Morning frost at Union Battery XIV

Morning frost at Union Battery XIV

(NPS Photo)

Although Petersburg National Battlefield was initially established to protect the historically significant areas around Petersburg, Virginia, the park also plays host to a diverse number of inhabitants and ecosystems. Located between the Atlantic Coastal plain and the Piedmont region of Western Virginia, Petersburg National Battlefield’s 2,659 acres varies from the wetlands of Hatcher's run at the Five Forks Battlefield to the combination of mixed hardwood/pine forests and open fields that encompass the park’s Eastern Front. City Point, a 22 acre unit at the confluence of the Appomattox and James Rivers, provides yet another uniquely beautiful asset to Petersburg National Battlefield. Overall, the park spreads out over four different localities; Prince George County, Dinwiddie County, the City of Hopewell, and the City of Petersburg.

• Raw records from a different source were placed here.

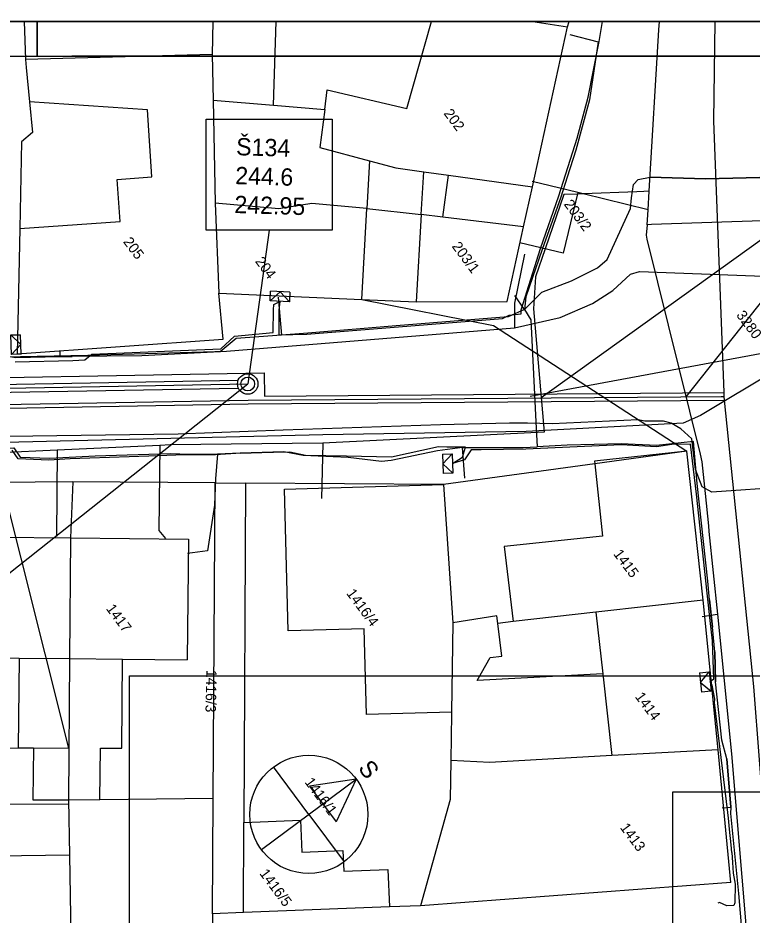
# Model space of a CAD drawing. Extents: x -601580 to 4, y -1204314 to 4.
# Drawn here: x -601370.3 to -601317.3, y -1203332.8 to -1203268.1 of the extents above; entities that cross this region are included whole.
import ezdxf

# ---------------------------------------------------------------- set-up
doc = ezdxf.new("R2010")
doc.units = 0
for name, color, linetype in [('00-EON NN', 7, 'Continuous'), ('00-EON VN', 7, 'Continuous'), ('00-INNOGY-NTL', 7, 'Continuous'), ('00-KN-HRANICE PARCEL', 7, 'Continuous'), ('00-KN-PARC. CISLA', 7, 'Continuous'), ('00-KN-VNITRNI KRESBA', 7, 'Continuous'), ('00-RAZÍTKO', 7, 'Continuous'), ('00-SITE KOM. KABEL', 7, 'Continuous'), ('00-VAK-KANAL-POTRUBI', 7, 'Continuous'), ('00-VAK-VODA-RAD IGIS', 7, 'Continuous'), ('01 KOTA', 7, 'Continuous'), ('11-REKONSTRUKCE  VYKOP', 7, 'Continuous'), ('11-REKONSTRUKCE KANALIZACE', 7, 'Continuous'), ('11-REKONSTRUKCE KANALIZACE OSA', 7, 'Continuous'), ('11-REKONSTRUKCE KANALIZACE POPIS', 7, 'Continuous'), ('11-REKONSTRUKCE VODOVOD', 7, 'Continuous'), ('11-REKONSTRUKCE VODOVOD POPIS', 7, 'Continuous'), ('Vrstva 26', 7, 'Continuous'), ('Vrstva 9', 7, 'Continuous')]:
    doc.layers.add(name, color=color, linetype=linetype)

# ---------------------------------------------------------------- blocks, each defined once
blk = doc.blocks.new('NN630')
at = {"layer": 'Vrstva 9'}
for points in [[(-3, -700), (-703, 0)], [(-703, -700), (-703, 0), (697, 0), (697, -700)], [(-3, -700), (697, 0)], [(-703, -700), (697, -700)]]:
    blk.add_lwpolyline(points, dxfattribs=at)

msp = doc.modelspace()

# ---------------------------------------------------------------- linework, layer by layer
for points in [[(-601368.935, -1203270.826), (-601368.935, -1203268.326), (-601473.985, -1203268.326), (-601473.985, -1203270.826)], [(-601368.935, -1203414.326), (-601368.935, -1203416.826), (-601263.884, -1203416.826), (-601263.884, -1203268.326), (-601368.935, -1203268.326), (-601368.935, -1203270.826)], [(-601366.435, -1203414.326), (-601266.384, -1203414.326), (-601266.384, -1203270.826), (-601366.435, -1203270.826)]]:
    msp.add_lwpolyline(points)
at = {"layer": '00-EON NN'}
for points in [[(-601370.525, -1203292.903), (-601366.381, -1203292.812), (-601365.494, -1203292.77), (-601364.997, -1203292.35), (-601355.673, -1203291.976), (-601354.686, -1203291.056), (-601351.897, -1203290.798), (-601351.885, -1203289.162), (-601351.854, -1203288.77), (-601351.434, -1203288.543), (-601351.486, -1203289.179), (-601351.498, -1203290.962), (-601349.472, -1203290.919), (-601335.35, -1203289.767), (-601334.874, -1203289.527), (-601333.996, -1203289.435), (-601334.002, -1203289.141), (-601332.604, -1203284.716), (-601331.269, -1203280.911), (-601329.955, -1203276.759), (-601329.152, -1203273.797), (-601328.355, -1203269.772), (-601328.118, -1203268.326)], [(-601320.354, -1203315.985), (-601320.091, -1203315.803), (-601320.181, -1203313.048), (-601320.343, -1203311.589), (-601320.56, -1203309.6), (-601321.326, -1203302.46), (-601321.764, -1203298.85), (-601323.127, -1203298.877), (-601324.226, -1203299.049), (-601326.763, -1203298.911), (-601333.67, -1203299.219), (-601336.88, -1203299.254)], [(-601339.353, -1203299.057), (-601339.966, -1203299.052), (-601343.369, -1203299.793), (-601346.599, -1203299.707), (-601349.562, -1203299.661), (-601350.71, -1203299.426), (-601354.23, -1203299.503), (-601356.07, -1203299.632), (-601358.929, -1203299.635), (-601360.893, -1203299.724), (-601366.566, -1203299.9), (-601368.091, -1203300.01), (-601370.311, -1203299.902), (-601370.749, -1203299.281)], [(-601336.88, -1203299.254), (-601337.616, -1203299.262), (-601338.095, -1203299.986), (-601338.956, -1203300.248), (-601338.221, -1203299.791), (-601338.009, -1203299.068), (-601339.353, -1203299.057)], [(-601320.027, -1203317.499), (-601320.012, -1203317.251), (-601320.215, -1203316.256), (-601320.354, -1203315.985)], [(-601318.779, -1203328.341), (-601318.825, -1203327.775), (-601318.942, -1203326.644), (-601319.021, -1203325.849), (-601319.078, -1203325.438), (-601320.027, -1203317.499)], [(-601318.779, -1203328.341), (-601318.726, -1203329.05), (-601318.698, -1203329.826), (-601318.544, -1203330.62), (-601318.559, -1203331.976), (-601318.639, -1203332.154), (-601319.138, -1203332.194), (-601319.667, -1203331.951), (-601319.799, -1203332)]]:
    msp.add_lwpolyline(points, dxfattribs=at)
at = {"layer": '00-EON VN'}
for points in [[(-601315.562, -1203268.326), (-601315.61, -1203274.198), (-601315.387, -1203285.467), (-601315.047, -1203290.112), (-601315.056, -1203292.512), (-601315.467, -1203293.437), (-601321.049, -1203296.77), (-601322.289, -1203297.339), (-601333.626, -1203297.94), (-601348.329, -1203298.17), (-601379.275, -1203298.932), (-601388.418, -1203299.122), (-601401.119, -1203299.449), (-601407.186, -1203299.441), (-601413.599, -1203299.611), (-601425.994, -1203301.007), (-601438.778, -1203302.641), (-601441.293, -1203303.148), (-601442.541, -1203303.128)], [(-601308.054, -1203364.739), (-601308.692, -1203358.556), (-601308.622, -1203357.458), (-601310.497, -1203339.547), (-601312.465, -1203319.363), (-601313.985, -1203302.433), (-601314.675, -1203301.923), (-601320.229, -1203302.31), (-601320.923, -1203301.928), (-601321.405, -1203300.692), (-601321.682, -1203298.456), (-601322.454, -1203297.735), (-601323.158, -1203297.323), (-601323.723, -1203297.182), (-601325.069, -1203297.198), (-601325.539, -1203297.085), (-601331.758, -1203297.38), (-601333.532, -1203297.34), (-601334.848, -1203297.345), (-601339.825, -1203297.452), (-601351.175, -1203297.832), (-601358.752, -1203298.126), (-601371.007, -1203298.293)]]:
    msp.add_lwpolyline(points, dxfattribs=at)
at = {"layer": '00-INNOGY-NTL'}
for p, q in [((-601329.907, -1203280.683), (-601333.213, -1203279.887)), ((-601367.49, -1203299.277), (-601367.557, -1203305.529)), ((-601320.927, -1203311.304), (-601319.828, -1203311.124))]:
    msp.add_line(p, q, dxfattribs=at)
for points in [[(-601324.893, -1203283.026), (-601324.829, -1203281.921), (-601324.746, -1203280.589), (-601324.05, -1203268.926), (-601324.016, -1203268.326)], [(-601329.907, -1203280.683), (-601330.969, -1203285.058), (-601334.081, -1203284.305)], [(-601325.633, -1203280.637), (-601329.527, -1203280.775), (-601329.937, -1203280.793), (-601330.922, -1203280.826), (-601332.265, -1203284.738), (-601332.959, -1203286.772), (-601333.107, -1203289.073), (-601332.331, -1203297.987)], [(-601324.829, -1203281.921), (-601329.527, -1203280.775), (-601329.907, -1203280.683)], [(-601324.746, -1203280.589), (-601325.137, -1203280.617), (-601325.633, -1203280.637)], [(-601316.599, -1203282.723), (-601324.58, -1203282.994), (-601324.893, -1203283.026), (-601324.966, -1203283.766), (-601324.924, -1203284.058), (-601321.063, -1203299.561), (-601320.961, -1203300.134), (-601320.707, -1203302.423), (-601320.48, -1203304.758), (-601320.438, -1203305.151), (-601319.828, -1203311.124), (-601318.804, -1203321.211), (-601316.942, -1203343.316)], [(-601332.331, -1203297.987), (-601348.309, -1203298.776), (-601359.342, -1203298.895), (-601360.084, -1203298.936), (-601367.49, -1203299.277), (-601371.643, -1203299.47), (-601372.283, -1203299.497), (-601387.135, -1203299.923), (-601391.708, -1203300.055), (-601393.151, -1203299.955), (-601393.463, -1203299.938), (-601394.572, -1203299.752), (-601396.304, -1203299.232), (-601396.572, -1203299.156), (-601396.715, -1203299.114), (-601406.965, -1203299.349), (-601407.169, -1203299.376), (-601414.127, -1203300.319), (-601427.425, -1203302.119), (-601427.687, -1203302.152)], [(-601360.084, -1203298.936), (-601360.159, -1203305.093), (-601359.669, -1203305.652)], [(-601348.309, -1203298.776), (-601348.423, -1203302.784)]]:
    msp.add_lwpolyline(points, dxfattribs=at)
at = {"layer": '00-KN-HRANICE PARCEL'}
for p, q in [((-601369.888, -1203268.326), (-601369.785, -1203271.067)), ((-601356.266, -1203268.326), (-601356.317, -1203270.722)), ((-601330.639, -1203268.724), (-601330.532, -1203268.326)), ((-601333.184, -1203280.277), (-601330.639, -1203268.724)), ((-601356.317, -1203270.722), (-601369.785, -1203271.067)), ((-601356.317, -1203270.722), (-601356.248, -1203274.02)), ((-601339.242, -1203279.431), (-601333.184, -1203280.277)), ((-601333.819, -1203283.164), (-601333.184, -1203280.277)), ((-601355.829, -1203287.957), (-601345.501, -1203288.398)), ((-601355.505, -1203291.278), (-601355.829, -1203287.957)), ((-601345.501, -1203288.398), (-601341.566, -1203288.566)), ((-601370.387, -1203292.336), (-601355.505, -1203291.278)), ((-601320.85, -1203310.115), (-601322.033, -1203299.361)), ((-601366.376, -1203301.564), (-601379.317, -1203301.68)), ((-601356.103, -1203301.647), (-601366.376, -1203301.564)), ((-601356.24, -1203324.415), (-601356.103, -1203301.647)), ((-601356.103, -1203301.647), (-601353.903, -1203301.658)), ((-601353.903, -1203301.658), (-601354.019, -1203326.166)), ((-601339.595, -1203301.773), (-601353.903, -1203301.658)), ((-601339.595, -1203301.773), (-601338.935, -1203311.757)), ((-601319.774, -1203320.91), (-601320.85, -1203310.115)), ((-601338.935, -1203311.757), (-601339.017, -1203318.207)), ((-601318.85, -1203330.511), (-601319.774, -1203320.91)), ((-601366.679, -1203324.529), (-601366.618, -1203328.52)), ((-601356.295, -1203332.763), (-601356.24, -1203324.415)), ((-601354.045, -1203332.674), (-601354.019, -1203326.166)), ((-601366.618, -1203328.52), (-601377.933, -1203328.711)), ((-601366.618, -1203328.52), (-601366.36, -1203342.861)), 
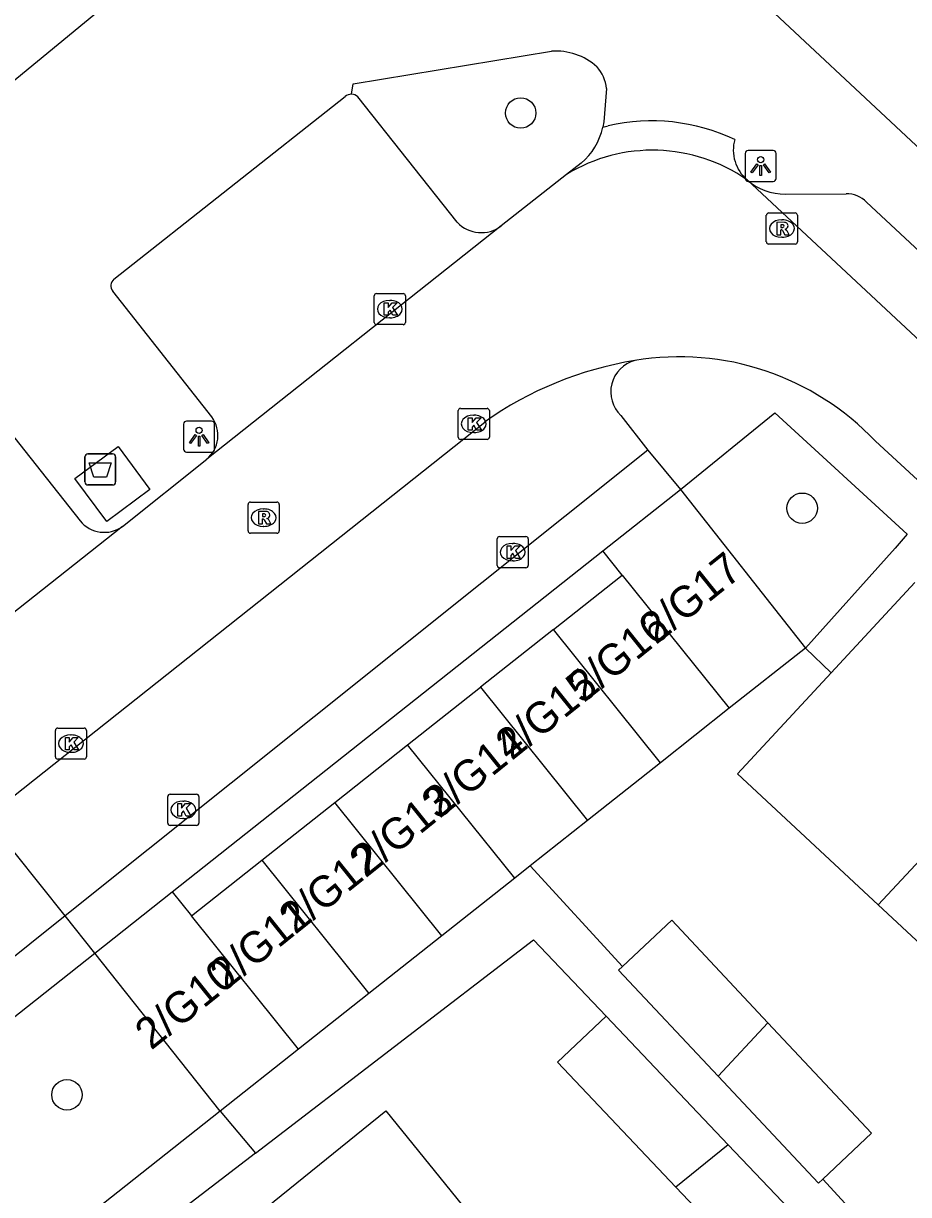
# Model space of a CAD drawing. Extents: x 162347 to 162868, y 381221 to 381813.
# Drawn here: x 162519.02 to 162547.46, y 381682.17 to 381719.8 of the extents above; entities that cross this region are included whole.
import ezdxf

# ---------------------------------------------------------------- set-up
doc = ezdxf.new("R2010")
doc.units = 0
for name, color, linetype in [('IMGEO_Afval_apart_plaats', 7, 'Continuous'), ('IMGEO_Boom', 7, 'Continuous'), ('IMGEO_Kolk', 7, 'Continuous'), ('IMGEO_Lichtpunt', 7, 'Continuous'), ('IMGEO_Pand', 7, 'Continuous'), ('IMGEO_Pand_nummerreeks', 7, 'Continuous'), ('IMGEO_Parkeervlak_open', 7, 'Continuous'), ('IMGEO_Rijbaan_lokaal_open', 7, 'Continuous'), ('IMGEO_Rioolput', 7, 'Continuous'), ('IMGEO_Voetpad_gesloten', 7, 'Continuous'), ('IMGEO_Voetpad_open', 7, 'Continuous')]:
    doc.layers.add(name, color=color, linetype=linetype)

msp = doc.modelspace()

# ---------------------------------------------------------------- linework, layer by layer
at = {"layer": 'IMGEO_Afval_apart_plaats'}
for p, q in [((162520.994, 381705.07), (162520.994, 381705.87)), ((162520.994, 381705.87), (162520.994, 381705.07)), ((162521.094, 381705.97), (162521.884, 381705.97)), ((162521.884, 381705.97), (162521.094, 381705.97)), ((162521.984, 381705.87), (162521.984, 381705.07)), ((162521.984, 381705.07), (162521.984, 381705.87)), ((162521.884, 381704.97), (162521.094, 381704.97)), ((162521.094, 381704.97), (162521.884, 381704.97))]:
    msp.add_line(p, q, dxfattribs=at)
msp.add_lwpolyline([(162521.137, 381705.684), (162521.841, 381705.684), (162521.692, 381705.214), (162521.286, 381705.214), (162521.137, 381705.684)], dxfattribs=at)
for centre, start, end in [((162521.094, 381705.87), 90, 180), ((162521.094, 381705.87), 90, 180), ((162521.884, 381705.87), 0, 90), ((162521.884, 381705.87), 360, 90), ((162521.094, 381705.07), 180, 270), ((162521.094, 381705.07), 180, 270), ((162521.884, 381705.07), 270, 0), ((162521.884, 381705.07), 270, 0)]:
    msp.add_arc(centre, 0.1, start, end, dxfattribs=at)
at = {"layer": 'IMGEO_Boom'}
for centre in [(162535, 381716.921), (162544.045, 381704.221), (162520.419, 381685.371)]:
    msp.add_circle(centre, 0.489, dxfattribs=at)
at = {"layer": 'IMGEO_Kolk'}
for p, q in [((162530.293, 381710.194), (162530.293, 381711.046)), ((162530.368, 381711.12), (162531.22, 381711.12)), ((162530.781, 381710.9), (162530.806, 381710.9)), ((162531.294, 381711.046), (162531.294, 381710.194)), ((162530.804, 381710.34), (162530.779, 381710.34)), ((162531.22, 381710.12), (162530.368, 381710.12)), ((162532.991, 381706.505), (162532.991, 381707.357)), ((162533.066, 381707.431), (162533.918, 381707.431)), ((162533.479, 381707.211), (162533.504, 381707.211)), ((162533.992, 381707.357), (162533.992, 381706.505)), ((162533.918, 381706.431), (162533.066, 381706.431)), ((162533.502, 381706.651), (162533.477, 381706.651)), ((162534.243, 381702.384), (162534.243, 381703.236)), ((162534.318, 381703.31), (162535.17, 381703.31)), ((162534.731, 381703.09), (162534.756, 381703.09)), ((162535.244, 381703.236), (162535.244, 381702.384)), ((162535.17, 381702.31), (162534.318, 381702.31)), ((162534.754, 381702.53), (162534.729, 381702.53)), ((162520.046, 381696.231), (162520.046, 381697.083)), ((162520.121, 381697.157), (162520.973, 381697.157)), ((162521.047, 381697.083), (162521.047, 381696.231)), ((162520.534, 381696.937), (162520.559, 381696.937)), ((162520.557, 381696.377), (162520.532, 381696.377)), ((162520.973, 381696.157), (162520.121, 381696.157)), ((162523.658, 381694.103), (162523.658, 381694.955)), ((162523.733, 381695.029), (162524.585, 381695.029)), ((162524.146, 381694.809), (162524.171, 381694.809)), ((162524.659, 381694.955), (162524.659, 381694.103)), ((162524.585, 381694.029), (162523.733, 381694.029)), ((162524.169, 381694.249), (162524.144, 381694.249))]:
    msp.add_line(p, q, dxfattribs=at)
for points in [[(162530.293, 381710.194), (162530.293, 381711.046)], [(162530.368, 381711.12), (162531.22, 381711.12)], [(162531.294, 381711.046), (162531.294, 381710.194)], [(162530.614, 381710.82), (162530.737, 381710.82), (162530.737, 381710.669), (162530.867, 381710.82), (162531.031, 381710.82), (162530.885, 381710.669), (162531.038, 381710.42), (162530.886, 381710.42), (162530.801, 381710.584), (162530.737, 381710.517), (162530.737, 381710.42), (162530.614, 381710.42), (162530.614, 381710.82)], [(162531.22, 381710.12), (162530.368, 381710.12)], [(162532.991, 381706.505), (162532.991, 381707.357)], [(162533.066, 381707.431), (162533.918, 381707.431)], [(162533.312, 381707.131), (162533.435, 381707.131), (162533.435, 381706.98), (162533.565, 381707.131), (162533.729, 381707.131), (162533.583, 381706.98), (162533.736, 381706.731), (162533.584, 381706.731), (162533.499, 381706.895), (162533.435, 381706.828), (162533.435, 381706.731), (162533.312, 381706.731), (162533.312, 381707.131)], [(162533.992, 381707.357), (162533.992, 381706.505)], [(162533.918, 381706.431), (162533.066, 381706.431)], [(162534.243, 381702.384), (162534.243, 381703.236)], [(162534.318, 381703.31), (162535.17, 381703.31)], [(162534.564, 381703.01), (162534.687, 381703.01), (162534.687, 381702.859), (162534.817, 381703.01), (162534.981, 381703.01), (162534.835, 381702.859), (162534.988, 381702.61), (162534.836, 381702.61), (162534.751, 381702.774), (162534.687, 381702.707), (162534.687, 381702.61), (162534.564, 381702.61), (162534.564, 381703.01)], [(162535.244, 381703.236), (162535.244, 381702.384)], [(162535.17, 381702.31), (162534.318, 381702.31)], [(162520.046, 381696.231), (162520.046, 381697.083)], [(162520.121, 381697.157), (162520.973, 381697.157)], [(162521.047, 381697.083), (162521.047, 381696.231)], [(162520.367, 381696.857), (162520.49, 381696.857), (162520.49, 381696.706), (162520.62, 381696.857), (162520.784, 381696.857), (162520.638, 381696.706), (162520.791, 381696.457), (162520.639, 381696.457), (162520.554, 381696.621), (162520.49, 381696.554), (162520.49, 381696.457), (162520.367, 381696.457), (162520.367, 381696.857)], [(162520.973, 381696.157), (162520.121, 381696.157)], [(162523.658, 381694.103), (162523.658, 381694.955)], [(162523.733, 381695.029), (162524.585, 381695.029)], [(162523.979, 381694.729), (162524.102, 381694.729), (162524.102, 381694.578), (162524.232, 381694.729), (162524.396, 381694.729), (162524.25, 381694.578), (162524.403, 381694.329), (162524.251, 381694.329), (162524.166, 381694.493), (162524.102, 381694.426), (162524.102, 381694.329), (162523.979, 381694.329), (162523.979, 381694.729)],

As part of the National Park Service, a component of Petersburg National Battlefield’s mission is to preserve the natural resources present in the park. These natural resources include the park’s waterways, wetlands, vegetation, and wildlife. The location of the park's Eastern Front, forming a pocket of undeveloped land amongst urban development, makes the park’s natural resources mission that much more important. Many visitors come to the battlefield to use the miles of trails that bisect the park. Virginia’s high rate of population growth, especially in suburban areas, will undoubtedly continue to make the presence of Petersburg National Battlefield's park setting even more valuable to many of the visitors that frequent the battlefield.

With so many irreplaceable cultural resources, the park has the important, and often difficult, task of achieving a balance between the cultural and natural aspects of preservation. Many of the Civil War earthworks, forts, and vistas are kept clear to protect the cultural resources and enhance the visitor’s ability to interpret the siege that occurred around Petersburg.

Wildlife is abundant, and, in certain cases, very visible throughout the park. Deer, rabbit, skunk, groundhog, opossum, and raccoon are some of the most commonly seen species in the park. A variety of avian species frequent the park during different times of the year. Many species of fish, reptiles, amphibians, and small mammals have also been documented within the boundaries of Petersburg National Battlefield.

Did You Know?

Poplar Grove National Cemetery

Poplar Grove National Cemetery, located just south of Petersburg, Virginia, has two Medal of Honor recipients buried there: Lewis Morgan (Grave #3142) and Henry Hardenburg (Grave #1283). (Petersburg National Battlefield)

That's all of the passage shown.